→ AIM OF THE TASK: Each line below that holds the word "Water" counts once; state the total number of such lines and nothing else.

Data records
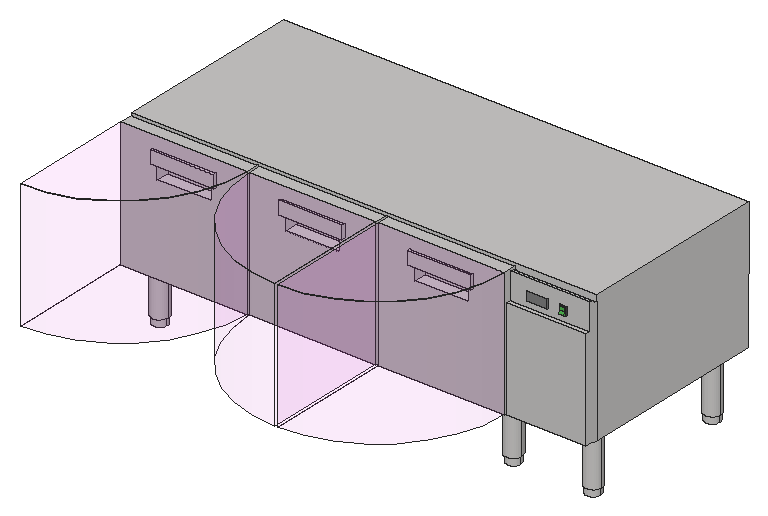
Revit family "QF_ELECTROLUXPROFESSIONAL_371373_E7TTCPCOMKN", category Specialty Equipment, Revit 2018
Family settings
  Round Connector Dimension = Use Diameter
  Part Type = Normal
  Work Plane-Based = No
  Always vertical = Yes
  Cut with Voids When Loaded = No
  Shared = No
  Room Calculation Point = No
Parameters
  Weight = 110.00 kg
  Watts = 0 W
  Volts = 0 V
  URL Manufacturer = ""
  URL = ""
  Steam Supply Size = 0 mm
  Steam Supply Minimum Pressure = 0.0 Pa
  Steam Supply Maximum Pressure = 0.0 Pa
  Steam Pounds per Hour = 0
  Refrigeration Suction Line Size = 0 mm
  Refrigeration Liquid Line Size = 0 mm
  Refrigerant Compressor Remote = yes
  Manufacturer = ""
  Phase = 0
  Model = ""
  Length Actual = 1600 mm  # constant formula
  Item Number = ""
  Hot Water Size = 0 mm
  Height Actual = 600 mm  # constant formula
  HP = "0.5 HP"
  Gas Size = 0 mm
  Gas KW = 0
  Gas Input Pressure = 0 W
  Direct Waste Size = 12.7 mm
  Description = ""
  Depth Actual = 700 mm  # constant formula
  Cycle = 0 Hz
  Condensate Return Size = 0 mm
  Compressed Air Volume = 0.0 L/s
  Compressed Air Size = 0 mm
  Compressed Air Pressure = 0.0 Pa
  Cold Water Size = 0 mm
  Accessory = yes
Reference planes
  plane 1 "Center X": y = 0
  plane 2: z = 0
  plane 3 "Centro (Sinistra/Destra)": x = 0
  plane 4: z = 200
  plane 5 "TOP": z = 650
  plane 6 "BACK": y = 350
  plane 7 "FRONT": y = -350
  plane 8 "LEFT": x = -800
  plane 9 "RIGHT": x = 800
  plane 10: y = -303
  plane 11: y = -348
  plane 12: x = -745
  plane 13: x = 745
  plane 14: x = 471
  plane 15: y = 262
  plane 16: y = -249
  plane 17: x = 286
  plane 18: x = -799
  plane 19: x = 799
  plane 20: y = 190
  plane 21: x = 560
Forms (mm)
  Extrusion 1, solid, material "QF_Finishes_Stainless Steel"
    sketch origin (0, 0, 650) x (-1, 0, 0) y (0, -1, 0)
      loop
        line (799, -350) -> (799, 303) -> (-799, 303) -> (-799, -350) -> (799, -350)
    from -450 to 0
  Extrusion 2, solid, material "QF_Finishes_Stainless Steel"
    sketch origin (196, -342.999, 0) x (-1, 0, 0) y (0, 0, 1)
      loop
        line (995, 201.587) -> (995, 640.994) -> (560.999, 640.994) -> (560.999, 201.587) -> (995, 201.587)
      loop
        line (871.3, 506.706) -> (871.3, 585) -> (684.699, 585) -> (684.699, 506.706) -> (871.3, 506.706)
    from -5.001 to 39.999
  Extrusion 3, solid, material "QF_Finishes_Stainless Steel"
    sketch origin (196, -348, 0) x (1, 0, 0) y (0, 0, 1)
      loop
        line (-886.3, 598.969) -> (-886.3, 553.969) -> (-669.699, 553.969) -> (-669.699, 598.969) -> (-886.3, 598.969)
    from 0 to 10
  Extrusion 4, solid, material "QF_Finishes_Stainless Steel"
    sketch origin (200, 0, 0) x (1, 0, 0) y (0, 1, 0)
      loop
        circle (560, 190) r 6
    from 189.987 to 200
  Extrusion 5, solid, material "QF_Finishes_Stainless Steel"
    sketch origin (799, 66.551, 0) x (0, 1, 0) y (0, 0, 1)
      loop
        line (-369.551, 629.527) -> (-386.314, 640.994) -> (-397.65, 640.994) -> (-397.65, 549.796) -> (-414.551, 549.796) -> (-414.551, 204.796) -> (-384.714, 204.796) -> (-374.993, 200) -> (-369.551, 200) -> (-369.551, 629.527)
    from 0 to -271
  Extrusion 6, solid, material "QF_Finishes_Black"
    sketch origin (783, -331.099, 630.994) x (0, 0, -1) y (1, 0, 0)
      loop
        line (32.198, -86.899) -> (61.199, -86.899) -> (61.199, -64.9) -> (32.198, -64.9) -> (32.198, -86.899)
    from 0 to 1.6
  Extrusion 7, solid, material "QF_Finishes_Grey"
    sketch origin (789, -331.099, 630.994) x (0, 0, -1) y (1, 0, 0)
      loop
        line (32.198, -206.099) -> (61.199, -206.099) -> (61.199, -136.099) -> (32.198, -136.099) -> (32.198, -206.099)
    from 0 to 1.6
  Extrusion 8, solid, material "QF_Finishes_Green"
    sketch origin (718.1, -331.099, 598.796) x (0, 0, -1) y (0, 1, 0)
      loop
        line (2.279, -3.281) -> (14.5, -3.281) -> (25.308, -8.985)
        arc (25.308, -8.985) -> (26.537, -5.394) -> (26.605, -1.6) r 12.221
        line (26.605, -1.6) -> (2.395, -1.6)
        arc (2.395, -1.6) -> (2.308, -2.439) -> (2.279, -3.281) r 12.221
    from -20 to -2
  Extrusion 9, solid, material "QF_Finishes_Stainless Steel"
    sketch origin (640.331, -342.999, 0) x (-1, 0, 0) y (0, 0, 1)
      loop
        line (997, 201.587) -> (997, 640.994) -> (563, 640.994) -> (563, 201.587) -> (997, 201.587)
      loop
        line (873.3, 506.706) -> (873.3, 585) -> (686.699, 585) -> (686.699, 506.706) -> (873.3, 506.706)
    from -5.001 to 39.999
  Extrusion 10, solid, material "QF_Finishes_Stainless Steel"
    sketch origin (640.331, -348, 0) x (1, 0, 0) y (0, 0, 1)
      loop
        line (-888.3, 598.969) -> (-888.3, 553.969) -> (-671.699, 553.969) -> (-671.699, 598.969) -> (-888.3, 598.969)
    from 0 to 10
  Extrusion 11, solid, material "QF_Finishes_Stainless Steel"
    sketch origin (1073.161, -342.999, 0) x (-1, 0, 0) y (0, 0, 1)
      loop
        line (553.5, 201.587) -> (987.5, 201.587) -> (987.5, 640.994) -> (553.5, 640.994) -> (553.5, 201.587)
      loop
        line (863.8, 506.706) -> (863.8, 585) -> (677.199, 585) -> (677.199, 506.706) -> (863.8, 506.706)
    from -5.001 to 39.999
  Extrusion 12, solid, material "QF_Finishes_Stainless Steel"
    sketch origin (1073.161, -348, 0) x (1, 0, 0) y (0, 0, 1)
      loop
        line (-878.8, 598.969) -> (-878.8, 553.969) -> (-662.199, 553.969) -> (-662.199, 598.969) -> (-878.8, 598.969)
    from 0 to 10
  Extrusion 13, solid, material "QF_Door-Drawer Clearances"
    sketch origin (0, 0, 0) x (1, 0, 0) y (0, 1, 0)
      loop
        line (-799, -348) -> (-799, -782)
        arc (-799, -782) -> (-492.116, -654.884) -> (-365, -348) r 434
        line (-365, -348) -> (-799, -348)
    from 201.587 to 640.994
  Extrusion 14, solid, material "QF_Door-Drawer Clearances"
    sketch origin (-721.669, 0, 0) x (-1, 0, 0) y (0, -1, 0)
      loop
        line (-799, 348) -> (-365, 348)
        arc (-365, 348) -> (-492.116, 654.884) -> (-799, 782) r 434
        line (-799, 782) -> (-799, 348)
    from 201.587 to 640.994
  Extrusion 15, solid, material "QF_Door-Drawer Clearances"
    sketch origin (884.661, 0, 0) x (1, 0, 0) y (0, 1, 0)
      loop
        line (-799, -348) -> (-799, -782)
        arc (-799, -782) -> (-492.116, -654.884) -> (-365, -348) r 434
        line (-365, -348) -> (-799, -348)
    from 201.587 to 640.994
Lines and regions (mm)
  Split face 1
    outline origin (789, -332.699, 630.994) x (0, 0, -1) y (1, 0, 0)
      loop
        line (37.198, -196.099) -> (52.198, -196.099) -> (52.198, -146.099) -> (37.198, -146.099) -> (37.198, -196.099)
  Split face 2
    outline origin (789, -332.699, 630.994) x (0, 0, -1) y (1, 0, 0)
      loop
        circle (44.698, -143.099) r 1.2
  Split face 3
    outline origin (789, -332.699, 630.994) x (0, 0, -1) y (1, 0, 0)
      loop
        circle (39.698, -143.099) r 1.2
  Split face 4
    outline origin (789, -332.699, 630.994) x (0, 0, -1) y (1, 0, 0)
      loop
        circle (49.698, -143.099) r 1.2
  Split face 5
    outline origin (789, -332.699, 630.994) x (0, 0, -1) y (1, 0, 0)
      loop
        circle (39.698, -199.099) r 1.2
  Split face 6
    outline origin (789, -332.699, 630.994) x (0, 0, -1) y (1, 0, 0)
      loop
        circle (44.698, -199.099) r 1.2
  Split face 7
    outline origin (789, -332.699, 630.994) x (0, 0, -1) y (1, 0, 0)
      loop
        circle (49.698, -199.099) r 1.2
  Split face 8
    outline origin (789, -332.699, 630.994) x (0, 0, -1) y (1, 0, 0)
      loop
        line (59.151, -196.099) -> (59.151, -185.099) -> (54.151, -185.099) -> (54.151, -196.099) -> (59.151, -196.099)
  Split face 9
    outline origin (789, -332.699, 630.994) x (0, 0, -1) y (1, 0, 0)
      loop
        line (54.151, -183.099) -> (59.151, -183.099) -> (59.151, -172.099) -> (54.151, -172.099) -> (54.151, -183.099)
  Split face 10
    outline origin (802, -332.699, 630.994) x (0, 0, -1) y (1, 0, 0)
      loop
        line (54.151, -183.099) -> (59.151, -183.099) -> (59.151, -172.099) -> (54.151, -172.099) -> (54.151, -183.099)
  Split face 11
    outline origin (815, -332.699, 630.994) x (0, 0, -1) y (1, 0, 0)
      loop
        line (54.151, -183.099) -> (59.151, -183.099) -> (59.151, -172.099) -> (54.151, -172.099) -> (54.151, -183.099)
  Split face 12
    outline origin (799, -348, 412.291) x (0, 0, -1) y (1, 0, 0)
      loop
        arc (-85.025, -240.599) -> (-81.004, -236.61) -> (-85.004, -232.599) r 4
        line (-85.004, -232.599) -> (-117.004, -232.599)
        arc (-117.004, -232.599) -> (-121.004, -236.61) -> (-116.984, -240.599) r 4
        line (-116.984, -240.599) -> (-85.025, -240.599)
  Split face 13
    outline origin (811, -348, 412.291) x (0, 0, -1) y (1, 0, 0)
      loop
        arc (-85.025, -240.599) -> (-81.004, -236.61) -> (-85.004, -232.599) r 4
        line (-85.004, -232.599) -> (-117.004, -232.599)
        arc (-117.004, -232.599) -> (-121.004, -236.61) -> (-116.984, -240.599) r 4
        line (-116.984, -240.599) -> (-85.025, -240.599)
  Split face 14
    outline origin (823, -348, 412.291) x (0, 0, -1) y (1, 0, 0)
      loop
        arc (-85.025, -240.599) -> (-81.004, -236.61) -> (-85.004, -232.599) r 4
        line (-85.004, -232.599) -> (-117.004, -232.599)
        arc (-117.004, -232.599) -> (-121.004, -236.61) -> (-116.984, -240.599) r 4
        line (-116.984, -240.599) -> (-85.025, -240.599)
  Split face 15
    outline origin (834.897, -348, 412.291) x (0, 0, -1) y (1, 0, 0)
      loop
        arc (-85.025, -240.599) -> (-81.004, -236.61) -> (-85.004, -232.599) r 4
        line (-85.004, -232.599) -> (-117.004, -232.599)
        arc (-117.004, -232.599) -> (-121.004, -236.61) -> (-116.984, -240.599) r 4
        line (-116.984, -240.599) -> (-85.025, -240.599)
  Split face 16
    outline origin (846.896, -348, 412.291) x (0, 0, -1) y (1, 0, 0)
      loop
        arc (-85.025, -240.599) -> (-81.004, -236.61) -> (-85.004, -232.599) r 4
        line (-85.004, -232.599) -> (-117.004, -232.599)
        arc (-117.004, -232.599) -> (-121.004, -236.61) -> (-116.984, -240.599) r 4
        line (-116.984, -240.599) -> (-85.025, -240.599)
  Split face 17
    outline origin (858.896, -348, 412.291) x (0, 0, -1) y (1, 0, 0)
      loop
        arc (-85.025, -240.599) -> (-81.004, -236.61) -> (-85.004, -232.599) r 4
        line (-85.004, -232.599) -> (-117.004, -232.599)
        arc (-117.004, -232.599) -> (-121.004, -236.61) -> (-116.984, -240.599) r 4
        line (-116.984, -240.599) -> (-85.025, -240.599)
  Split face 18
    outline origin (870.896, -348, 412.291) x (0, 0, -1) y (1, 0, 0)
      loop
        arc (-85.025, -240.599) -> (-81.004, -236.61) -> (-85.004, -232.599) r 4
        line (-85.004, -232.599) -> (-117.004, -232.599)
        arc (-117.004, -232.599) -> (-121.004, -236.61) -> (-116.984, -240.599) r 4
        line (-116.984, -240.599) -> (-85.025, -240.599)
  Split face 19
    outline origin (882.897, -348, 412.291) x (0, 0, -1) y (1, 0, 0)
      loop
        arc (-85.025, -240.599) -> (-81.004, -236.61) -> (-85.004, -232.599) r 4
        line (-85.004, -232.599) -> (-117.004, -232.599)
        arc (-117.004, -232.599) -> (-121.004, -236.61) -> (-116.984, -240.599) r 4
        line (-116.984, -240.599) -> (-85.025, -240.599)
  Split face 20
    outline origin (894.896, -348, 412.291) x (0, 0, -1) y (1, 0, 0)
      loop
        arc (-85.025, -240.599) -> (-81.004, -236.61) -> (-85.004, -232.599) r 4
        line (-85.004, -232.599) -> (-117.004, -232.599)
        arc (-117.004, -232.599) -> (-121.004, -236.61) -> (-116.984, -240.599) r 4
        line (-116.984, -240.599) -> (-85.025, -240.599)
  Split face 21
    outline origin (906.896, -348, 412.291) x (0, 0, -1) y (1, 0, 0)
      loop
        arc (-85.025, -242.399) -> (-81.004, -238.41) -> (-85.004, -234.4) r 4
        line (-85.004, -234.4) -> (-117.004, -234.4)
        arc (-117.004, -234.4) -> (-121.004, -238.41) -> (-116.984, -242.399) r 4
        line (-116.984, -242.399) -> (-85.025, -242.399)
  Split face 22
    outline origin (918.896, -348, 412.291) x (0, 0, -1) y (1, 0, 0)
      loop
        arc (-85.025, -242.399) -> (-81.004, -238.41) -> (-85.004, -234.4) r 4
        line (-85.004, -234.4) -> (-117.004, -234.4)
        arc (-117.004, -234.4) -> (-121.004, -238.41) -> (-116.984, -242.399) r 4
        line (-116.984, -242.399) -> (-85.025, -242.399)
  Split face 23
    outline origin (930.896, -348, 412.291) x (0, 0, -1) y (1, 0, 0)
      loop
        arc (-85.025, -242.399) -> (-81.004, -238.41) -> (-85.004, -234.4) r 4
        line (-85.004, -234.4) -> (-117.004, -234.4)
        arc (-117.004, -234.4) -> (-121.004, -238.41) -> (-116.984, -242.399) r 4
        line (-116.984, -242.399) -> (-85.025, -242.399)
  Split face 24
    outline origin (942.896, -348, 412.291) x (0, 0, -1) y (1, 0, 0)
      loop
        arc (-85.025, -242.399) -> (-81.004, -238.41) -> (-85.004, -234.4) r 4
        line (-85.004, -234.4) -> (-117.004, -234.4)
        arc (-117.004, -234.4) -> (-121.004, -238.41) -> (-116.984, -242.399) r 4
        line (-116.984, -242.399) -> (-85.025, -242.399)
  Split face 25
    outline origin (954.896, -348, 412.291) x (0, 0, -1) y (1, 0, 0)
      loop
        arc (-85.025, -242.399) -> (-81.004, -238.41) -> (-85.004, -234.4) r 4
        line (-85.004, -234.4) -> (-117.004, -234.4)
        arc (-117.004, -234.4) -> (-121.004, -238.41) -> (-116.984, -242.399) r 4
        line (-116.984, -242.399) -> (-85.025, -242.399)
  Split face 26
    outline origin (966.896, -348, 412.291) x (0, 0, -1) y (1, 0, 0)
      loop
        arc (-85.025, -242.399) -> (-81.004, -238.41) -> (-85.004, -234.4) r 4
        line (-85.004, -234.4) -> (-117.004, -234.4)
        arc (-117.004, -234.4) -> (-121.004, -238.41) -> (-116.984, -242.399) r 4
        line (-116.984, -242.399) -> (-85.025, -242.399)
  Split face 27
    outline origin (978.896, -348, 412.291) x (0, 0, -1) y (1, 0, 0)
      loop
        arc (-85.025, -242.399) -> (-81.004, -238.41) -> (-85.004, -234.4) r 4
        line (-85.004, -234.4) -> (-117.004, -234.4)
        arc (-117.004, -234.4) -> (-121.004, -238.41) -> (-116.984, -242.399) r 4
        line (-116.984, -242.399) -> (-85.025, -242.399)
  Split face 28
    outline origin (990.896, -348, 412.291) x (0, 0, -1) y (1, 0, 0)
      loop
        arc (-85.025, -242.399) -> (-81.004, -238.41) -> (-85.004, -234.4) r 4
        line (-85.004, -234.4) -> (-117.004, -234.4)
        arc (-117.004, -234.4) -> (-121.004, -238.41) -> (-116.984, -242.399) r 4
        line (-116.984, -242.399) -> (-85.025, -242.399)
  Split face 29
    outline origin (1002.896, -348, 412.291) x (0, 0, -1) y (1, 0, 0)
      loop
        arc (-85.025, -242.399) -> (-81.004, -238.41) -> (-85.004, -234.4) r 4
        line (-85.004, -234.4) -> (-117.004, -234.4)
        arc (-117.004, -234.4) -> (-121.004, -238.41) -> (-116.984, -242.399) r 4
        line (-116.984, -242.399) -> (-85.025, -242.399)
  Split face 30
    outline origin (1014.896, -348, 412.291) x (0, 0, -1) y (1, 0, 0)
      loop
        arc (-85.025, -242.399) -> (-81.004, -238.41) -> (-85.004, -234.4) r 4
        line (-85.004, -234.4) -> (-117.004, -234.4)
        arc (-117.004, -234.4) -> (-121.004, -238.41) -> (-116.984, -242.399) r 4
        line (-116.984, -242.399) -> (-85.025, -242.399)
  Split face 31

→ EXERCISE RESPONSE: 2